Heather Chittum has been the recipient of many an accolade in her career. She has been named a 2006 StarChefs.com Rising Star Chef, 2008 Pastry Chef of the Year 'RAMMY' Award recipient, and is among Gayot's 5 Best Pastry Chefs in the Nation, 2008.

She may have taken a non-traditional path to her current role as Pastry Chef of Pure Hospitality's Hook restaurant in Georgetown, but she has certainly always felt comfortable creating delicate sweets in the kitchen. Growing up in Brooklyn, New York, Chittum was exposed to diverse cuisines, which sparked a deeper interest in food. Although her passion for food would not translate into a career until years later, it was this early exposure that she credits with her decision.

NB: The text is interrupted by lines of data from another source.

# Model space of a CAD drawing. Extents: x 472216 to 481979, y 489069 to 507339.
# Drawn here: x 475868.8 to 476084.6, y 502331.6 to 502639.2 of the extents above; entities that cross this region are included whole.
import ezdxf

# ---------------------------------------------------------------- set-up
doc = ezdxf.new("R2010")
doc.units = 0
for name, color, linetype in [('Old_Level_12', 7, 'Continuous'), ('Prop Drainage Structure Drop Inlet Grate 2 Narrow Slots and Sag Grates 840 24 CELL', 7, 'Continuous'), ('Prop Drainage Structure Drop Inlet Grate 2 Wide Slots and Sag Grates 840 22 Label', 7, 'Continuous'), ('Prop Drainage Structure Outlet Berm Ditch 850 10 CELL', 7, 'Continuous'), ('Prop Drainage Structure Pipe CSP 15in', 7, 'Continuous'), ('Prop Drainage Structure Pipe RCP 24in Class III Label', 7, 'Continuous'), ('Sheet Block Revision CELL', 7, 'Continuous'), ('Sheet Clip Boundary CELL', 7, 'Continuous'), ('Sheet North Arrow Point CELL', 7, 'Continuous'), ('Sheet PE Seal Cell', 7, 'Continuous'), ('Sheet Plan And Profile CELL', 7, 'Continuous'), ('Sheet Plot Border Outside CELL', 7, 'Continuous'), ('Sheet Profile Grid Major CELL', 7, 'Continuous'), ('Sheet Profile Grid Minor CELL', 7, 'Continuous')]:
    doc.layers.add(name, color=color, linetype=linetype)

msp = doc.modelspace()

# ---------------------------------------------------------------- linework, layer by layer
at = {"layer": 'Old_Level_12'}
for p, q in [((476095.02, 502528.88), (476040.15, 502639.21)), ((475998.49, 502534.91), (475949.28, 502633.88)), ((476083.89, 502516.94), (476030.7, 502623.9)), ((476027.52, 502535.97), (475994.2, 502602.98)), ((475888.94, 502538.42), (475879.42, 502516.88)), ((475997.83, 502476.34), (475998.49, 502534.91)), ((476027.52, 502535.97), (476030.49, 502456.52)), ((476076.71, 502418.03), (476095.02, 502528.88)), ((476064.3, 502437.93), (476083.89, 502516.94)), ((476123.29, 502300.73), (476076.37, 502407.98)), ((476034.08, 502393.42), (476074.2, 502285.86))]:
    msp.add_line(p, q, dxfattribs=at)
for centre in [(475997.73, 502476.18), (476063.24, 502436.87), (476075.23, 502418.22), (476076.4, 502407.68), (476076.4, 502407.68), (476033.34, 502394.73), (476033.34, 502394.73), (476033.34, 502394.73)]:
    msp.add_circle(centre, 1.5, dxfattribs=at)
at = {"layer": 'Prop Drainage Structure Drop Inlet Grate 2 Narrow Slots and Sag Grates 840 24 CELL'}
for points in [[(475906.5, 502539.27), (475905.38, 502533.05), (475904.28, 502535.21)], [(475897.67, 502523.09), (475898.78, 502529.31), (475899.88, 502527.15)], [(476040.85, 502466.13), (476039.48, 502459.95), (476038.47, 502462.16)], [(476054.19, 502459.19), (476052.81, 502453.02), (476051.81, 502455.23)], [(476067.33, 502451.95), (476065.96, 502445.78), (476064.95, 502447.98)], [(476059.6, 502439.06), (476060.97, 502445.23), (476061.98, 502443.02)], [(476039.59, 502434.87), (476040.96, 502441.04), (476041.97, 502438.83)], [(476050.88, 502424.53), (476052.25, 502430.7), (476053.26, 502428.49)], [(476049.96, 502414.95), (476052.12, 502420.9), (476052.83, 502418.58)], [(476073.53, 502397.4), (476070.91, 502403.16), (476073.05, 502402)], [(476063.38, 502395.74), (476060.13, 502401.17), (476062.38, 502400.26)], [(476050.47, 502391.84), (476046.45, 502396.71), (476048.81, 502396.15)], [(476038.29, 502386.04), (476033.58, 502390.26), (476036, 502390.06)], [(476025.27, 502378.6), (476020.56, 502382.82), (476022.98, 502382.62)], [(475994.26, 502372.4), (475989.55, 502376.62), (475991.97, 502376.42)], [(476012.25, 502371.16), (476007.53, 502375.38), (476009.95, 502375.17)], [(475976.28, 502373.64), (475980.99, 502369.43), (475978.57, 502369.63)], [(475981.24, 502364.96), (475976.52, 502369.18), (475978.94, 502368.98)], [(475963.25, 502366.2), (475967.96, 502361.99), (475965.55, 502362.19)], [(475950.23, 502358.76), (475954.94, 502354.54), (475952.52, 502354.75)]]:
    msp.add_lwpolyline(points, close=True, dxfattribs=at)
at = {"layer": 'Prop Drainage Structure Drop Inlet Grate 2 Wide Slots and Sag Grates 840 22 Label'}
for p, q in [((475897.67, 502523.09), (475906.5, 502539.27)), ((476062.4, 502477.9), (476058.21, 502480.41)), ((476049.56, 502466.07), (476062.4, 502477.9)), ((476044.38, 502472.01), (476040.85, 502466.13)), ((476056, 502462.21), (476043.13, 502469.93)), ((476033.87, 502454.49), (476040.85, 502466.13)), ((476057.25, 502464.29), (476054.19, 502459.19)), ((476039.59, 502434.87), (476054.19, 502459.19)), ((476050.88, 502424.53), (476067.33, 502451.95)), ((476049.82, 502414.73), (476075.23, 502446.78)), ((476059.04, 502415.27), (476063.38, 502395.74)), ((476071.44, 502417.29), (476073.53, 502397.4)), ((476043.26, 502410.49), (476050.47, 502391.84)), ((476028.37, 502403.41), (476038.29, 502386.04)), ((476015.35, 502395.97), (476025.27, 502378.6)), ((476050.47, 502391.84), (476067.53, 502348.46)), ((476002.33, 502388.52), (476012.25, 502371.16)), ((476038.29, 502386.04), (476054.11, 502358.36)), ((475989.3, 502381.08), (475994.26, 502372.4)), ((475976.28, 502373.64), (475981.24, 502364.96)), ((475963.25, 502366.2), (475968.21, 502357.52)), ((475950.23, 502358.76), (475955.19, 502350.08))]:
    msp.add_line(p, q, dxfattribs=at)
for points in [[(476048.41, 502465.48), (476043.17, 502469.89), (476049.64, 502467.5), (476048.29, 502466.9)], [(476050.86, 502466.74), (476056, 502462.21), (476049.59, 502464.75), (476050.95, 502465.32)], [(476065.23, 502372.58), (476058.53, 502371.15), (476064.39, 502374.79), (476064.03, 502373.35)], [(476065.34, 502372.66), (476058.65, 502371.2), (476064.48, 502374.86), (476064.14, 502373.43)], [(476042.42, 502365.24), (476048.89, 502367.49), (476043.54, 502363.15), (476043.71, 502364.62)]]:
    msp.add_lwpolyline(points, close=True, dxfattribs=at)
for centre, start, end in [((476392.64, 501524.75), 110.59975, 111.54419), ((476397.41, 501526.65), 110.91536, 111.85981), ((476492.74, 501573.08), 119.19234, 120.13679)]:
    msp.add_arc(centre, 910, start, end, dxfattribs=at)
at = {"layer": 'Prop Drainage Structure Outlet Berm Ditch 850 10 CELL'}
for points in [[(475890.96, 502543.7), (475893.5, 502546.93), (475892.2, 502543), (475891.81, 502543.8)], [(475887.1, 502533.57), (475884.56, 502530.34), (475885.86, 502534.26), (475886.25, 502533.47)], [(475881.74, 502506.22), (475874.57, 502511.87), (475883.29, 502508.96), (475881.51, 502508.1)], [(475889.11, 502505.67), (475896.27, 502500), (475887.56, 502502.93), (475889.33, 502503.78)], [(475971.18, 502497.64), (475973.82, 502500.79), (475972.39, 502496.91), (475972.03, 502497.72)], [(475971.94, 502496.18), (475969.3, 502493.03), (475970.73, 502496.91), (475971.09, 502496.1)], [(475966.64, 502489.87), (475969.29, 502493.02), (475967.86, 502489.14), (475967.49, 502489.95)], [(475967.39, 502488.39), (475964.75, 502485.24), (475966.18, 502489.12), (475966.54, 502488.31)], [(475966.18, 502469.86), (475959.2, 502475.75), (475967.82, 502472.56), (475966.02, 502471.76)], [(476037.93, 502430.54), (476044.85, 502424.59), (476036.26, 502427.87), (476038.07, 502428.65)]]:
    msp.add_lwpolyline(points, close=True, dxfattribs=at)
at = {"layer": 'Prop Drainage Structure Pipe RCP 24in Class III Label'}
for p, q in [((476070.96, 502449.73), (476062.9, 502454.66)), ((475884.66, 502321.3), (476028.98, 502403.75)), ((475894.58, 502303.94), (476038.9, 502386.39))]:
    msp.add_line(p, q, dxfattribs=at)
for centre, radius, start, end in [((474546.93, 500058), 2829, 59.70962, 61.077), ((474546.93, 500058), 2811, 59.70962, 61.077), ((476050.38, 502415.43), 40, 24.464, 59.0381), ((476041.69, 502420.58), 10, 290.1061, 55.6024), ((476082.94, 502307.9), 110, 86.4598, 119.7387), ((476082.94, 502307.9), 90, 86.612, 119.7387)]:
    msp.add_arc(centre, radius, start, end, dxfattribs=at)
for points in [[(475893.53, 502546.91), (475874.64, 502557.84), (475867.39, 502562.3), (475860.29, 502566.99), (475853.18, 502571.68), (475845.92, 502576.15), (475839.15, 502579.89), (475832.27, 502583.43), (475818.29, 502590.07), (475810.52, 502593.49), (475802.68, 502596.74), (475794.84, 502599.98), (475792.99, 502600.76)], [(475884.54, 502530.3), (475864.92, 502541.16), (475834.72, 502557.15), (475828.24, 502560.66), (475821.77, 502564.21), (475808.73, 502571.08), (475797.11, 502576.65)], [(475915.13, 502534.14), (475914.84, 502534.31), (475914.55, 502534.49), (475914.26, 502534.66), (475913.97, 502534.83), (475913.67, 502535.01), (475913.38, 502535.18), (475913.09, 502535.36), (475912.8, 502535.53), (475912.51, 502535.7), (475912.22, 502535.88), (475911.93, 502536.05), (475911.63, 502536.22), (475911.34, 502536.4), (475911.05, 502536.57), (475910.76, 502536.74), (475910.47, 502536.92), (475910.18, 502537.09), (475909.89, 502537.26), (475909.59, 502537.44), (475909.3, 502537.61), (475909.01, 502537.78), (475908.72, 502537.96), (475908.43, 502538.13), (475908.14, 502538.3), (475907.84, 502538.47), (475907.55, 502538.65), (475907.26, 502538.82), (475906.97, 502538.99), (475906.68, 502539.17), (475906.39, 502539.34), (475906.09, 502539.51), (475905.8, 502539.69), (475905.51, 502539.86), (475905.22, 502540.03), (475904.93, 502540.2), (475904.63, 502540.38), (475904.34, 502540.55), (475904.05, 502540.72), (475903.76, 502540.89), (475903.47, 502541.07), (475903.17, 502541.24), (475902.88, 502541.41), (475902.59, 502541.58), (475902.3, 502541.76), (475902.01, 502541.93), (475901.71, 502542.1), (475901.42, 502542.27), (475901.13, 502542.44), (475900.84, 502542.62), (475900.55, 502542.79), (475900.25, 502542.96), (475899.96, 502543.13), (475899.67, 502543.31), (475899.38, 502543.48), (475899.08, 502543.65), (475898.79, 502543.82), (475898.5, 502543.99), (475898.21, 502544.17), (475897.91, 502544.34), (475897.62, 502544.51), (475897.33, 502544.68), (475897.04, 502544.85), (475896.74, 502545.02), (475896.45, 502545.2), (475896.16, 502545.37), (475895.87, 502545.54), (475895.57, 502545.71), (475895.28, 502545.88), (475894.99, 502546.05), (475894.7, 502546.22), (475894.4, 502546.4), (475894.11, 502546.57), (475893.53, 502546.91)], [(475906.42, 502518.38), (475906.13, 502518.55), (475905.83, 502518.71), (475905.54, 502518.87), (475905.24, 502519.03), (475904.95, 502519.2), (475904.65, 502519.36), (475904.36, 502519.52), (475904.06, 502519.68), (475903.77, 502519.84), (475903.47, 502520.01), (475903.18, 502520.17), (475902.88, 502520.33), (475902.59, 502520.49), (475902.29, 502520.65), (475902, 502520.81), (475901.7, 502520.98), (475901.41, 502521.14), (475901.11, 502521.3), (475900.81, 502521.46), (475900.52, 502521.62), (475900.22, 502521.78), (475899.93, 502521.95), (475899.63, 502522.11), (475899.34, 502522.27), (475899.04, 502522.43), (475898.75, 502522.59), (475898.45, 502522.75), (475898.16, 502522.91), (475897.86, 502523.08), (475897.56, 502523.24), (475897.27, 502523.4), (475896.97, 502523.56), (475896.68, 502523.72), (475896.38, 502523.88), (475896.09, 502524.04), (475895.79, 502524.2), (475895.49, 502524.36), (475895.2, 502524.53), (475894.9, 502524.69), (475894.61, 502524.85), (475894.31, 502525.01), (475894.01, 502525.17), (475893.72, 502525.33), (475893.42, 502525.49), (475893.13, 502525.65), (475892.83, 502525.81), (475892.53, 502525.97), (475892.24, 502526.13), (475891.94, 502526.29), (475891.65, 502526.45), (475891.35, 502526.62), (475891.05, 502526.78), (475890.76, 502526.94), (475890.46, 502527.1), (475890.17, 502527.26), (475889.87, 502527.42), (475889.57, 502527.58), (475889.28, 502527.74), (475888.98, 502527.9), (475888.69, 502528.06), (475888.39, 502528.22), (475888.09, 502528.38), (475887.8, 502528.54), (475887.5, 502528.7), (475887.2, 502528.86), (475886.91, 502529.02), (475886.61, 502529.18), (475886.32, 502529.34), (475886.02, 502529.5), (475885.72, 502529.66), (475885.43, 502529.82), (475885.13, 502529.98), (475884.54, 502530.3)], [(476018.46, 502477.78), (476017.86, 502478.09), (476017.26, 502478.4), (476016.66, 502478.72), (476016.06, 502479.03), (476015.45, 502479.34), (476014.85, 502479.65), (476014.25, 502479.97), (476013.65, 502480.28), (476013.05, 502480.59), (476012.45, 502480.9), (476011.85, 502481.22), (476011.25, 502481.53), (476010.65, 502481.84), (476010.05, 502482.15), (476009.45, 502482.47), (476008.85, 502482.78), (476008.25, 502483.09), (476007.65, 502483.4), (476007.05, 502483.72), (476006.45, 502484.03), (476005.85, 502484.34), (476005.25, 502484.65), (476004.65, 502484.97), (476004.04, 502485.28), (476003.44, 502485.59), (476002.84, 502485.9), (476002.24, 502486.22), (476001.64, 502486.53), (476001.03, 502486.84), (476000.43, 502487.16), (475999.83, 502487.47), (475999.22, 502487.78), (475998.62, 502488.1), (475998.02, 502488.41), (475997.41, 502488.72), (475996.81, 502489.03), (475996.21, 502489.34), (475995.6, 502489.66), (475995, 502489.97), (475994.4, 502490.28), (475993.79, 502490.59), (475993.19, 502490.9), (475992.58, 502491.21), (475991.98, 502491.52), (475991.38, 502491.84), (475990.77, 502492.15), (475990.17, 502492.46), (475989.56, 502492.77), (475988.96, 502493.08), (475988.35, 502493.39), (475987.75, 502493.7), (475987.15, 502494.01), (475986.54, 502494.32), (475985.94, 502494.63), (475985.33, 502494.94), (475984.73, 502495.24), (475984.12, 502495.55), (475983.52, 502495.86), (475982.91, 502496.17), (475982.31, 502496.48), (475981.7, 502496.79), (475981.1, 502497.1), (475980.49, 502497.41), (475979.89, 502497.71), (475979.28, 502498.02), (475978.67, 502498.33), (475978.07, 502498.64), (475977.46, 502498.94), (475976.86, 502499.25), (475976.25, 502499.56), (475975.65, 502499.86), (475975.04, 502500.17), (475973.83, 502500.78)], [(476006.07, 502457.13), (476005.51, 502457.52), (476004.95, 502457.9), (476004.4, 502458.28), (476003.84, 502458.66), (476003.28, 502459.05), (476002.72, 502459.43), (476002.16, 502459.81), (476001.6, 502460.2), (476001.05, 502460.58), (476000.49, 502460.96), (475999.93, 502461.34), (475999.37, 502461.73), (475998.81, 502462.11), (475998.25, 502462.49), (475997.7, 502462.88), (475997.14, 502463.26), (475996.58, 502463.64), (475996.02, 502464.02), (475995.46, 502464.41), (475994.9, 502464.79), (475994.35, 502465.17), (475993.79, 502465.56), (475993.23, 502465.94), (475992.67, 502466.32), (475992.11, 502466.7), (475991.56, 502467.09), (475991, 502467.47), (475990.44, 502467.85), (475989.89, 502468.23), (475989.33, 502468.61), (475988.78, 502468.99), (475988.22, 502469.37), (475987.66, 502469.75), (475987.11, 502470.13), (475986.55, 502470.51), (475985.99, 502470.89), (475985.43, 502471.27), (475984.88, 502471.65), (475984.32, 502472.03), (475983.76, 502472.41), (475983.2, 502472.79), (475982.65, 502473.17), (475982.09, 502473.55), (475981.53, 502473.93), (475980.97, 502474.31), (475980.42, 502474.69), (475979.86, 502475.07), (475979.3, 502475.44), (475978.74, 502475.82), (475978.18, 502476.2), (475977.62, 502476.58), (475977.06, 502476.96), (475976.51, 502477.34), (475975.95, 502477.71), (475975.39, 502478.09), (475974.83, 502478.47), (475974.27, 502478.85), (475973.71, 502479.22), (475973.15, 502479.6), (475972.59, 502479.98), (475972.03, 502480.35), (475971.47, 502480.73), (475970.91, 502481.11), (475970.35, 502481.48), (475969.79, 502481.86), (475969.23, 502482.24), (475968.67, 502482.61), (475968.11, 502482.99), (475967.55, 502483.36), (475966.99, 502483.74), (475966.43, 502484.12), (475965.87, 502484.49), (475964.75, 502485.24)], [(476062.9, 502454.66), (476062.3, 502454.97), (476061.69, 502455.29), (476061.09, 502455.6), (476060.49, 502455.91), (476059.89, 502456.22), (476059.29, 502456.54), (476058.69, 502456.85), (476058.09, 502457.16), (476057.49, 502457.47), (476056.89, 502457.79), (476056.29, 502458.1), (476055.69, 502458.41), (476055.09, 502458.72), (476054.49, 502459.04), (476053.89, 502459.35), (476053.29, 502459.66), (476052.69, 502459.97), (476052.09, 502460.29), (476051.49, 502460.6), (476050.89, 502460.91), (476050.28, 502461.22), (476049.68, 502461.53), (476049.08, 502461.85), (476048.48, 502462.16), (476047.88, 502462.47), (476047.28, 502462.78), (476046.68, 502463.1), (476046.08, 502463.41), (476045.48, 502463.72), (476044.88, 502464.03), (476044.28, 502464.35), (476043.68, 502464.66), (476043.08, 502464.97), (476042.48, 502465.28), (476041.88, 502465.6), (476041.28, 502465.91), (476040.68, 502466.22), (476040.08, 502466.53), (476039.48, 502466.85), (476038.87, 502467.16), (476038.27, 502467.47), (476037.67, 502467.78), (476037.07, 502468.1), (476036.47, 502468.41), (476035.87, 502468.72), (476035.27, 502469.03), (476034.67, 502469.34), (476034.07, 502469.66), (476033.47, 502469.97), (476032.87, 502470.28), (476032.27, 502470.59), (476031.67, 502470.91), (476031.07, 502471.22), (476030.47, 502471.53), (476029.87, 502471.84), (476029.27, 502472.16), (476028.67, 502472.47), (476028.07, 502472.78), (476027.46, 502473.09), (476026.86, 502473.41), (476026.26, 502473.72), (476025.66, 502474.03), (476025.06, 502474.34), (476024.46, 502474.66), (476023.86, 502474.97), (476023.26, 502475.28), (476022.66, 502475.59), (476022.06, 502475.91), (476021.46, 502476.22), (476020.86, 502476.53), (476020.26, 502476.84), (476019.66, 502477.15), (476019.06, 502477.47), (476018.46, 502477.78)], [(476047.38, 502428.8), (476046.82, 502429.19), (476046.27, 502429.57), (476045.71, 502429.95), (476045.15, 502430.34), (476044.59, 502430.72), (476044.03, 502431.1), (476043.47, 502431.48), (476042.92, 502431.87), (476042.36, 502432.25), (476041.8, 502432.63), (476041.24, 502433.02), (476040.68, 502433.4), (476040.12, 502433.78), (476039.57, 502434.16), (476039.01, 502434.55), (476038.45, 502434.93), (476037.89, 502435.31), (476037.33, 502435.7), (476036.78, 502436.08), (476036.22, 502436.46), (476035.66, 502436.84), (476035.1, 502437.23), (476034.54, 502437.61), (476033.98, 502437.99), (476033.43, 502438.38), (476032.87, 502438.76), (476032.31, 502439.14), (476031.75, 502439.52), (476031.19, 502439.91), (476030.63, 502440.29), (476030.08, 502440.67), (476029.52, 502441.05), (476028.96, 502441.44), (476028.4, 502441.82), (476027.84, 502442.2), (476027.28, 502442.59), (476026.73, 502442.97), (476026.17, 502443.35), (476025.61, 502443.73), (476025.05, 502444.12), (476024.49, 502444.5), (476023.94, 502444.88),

Food became a secondary interest for Chittum when she left New York to study government and international relations at Clark University in Worcester, Massachusetts. Upon her graduation in 1994, Chittum moved to Washington, D.C., to work for former New York State Senator Daniel Patrick Moynihan. During her four years working on Capitol Hill, Chittum developed a particular interest in fighting poverty and hunger, which led her to her next job working for Share our Strength, a national non-profit organization dedicated to ending childhood hunger. SOS introduced Chittum to some of the most influential chefs in the United States, and inspired Chittum to revisit her longtime passion for cooking.

In 2001, Chittum enrolled in the Fundamentals of Pastry Arts program at L'Academie de Cuisine in Gaithersburg, Maryland, and began working alongside Equinox's acclaimed Pastry Chef Lisa Scruggs. Three years later, Chittum was appointed Pastry Chef for Potomac Restaurant Group's Circle Bistro, Dish and, soon after, Notti Bianchi, which opened in May 2005.

In November 2005, Chittum was tapped as Pastry Chef of acclaimed Chef Michel Richard's Citronelle restaurant, working under the mentorship of Chef Richard, who himself spent fifteen years as a Pastry Chef. The Restaurant Association of Metropolitan Washington duly recognized Chittum's fast-growing prestige when she was nominated three years in a row for the Pastry Chef of the Year award which she went on to win in 2008. In May 2006, Chittum returned to her position as Pastry Chef at Dish and Notti Bianchi, and Circle Bistro.

In March 2007, Chittum left Potomac Restaurant Group to take on a new challenge, Pastry Chef of Pure Hospitality's Hook Restaurant in Georgetown. Chittum develops the restaurant's desserts which mirror Pure's dedication to sustainability and locally grown produce. With a platform that embraces her methodology of purity through ingredients, Chittum concludes guests' meals with decadent, flavorful delights such as a Lingonberry Linzertorte with Tallegio Ice Cream and Port Wine Reduction, Buttermilk Panna Cotta with Local Cherries and Pistachio Biscotti, Carrot Cake with Cr?me Fraiche Sorbet and the Bittersweet Chocolate Cake. Her love of ice cream shines through with flavors ranging from Gorgonzola Dolce, Lavender Honey, Black Pepper, and Concord Grape, Frozen Yogurt Mousse Granola with red currants and raspberries.

Chittum's new venture not only provides a strong platform for her desserts to shine, but also gives her the room to grow and hone her skills for future Pure Hospitality projects.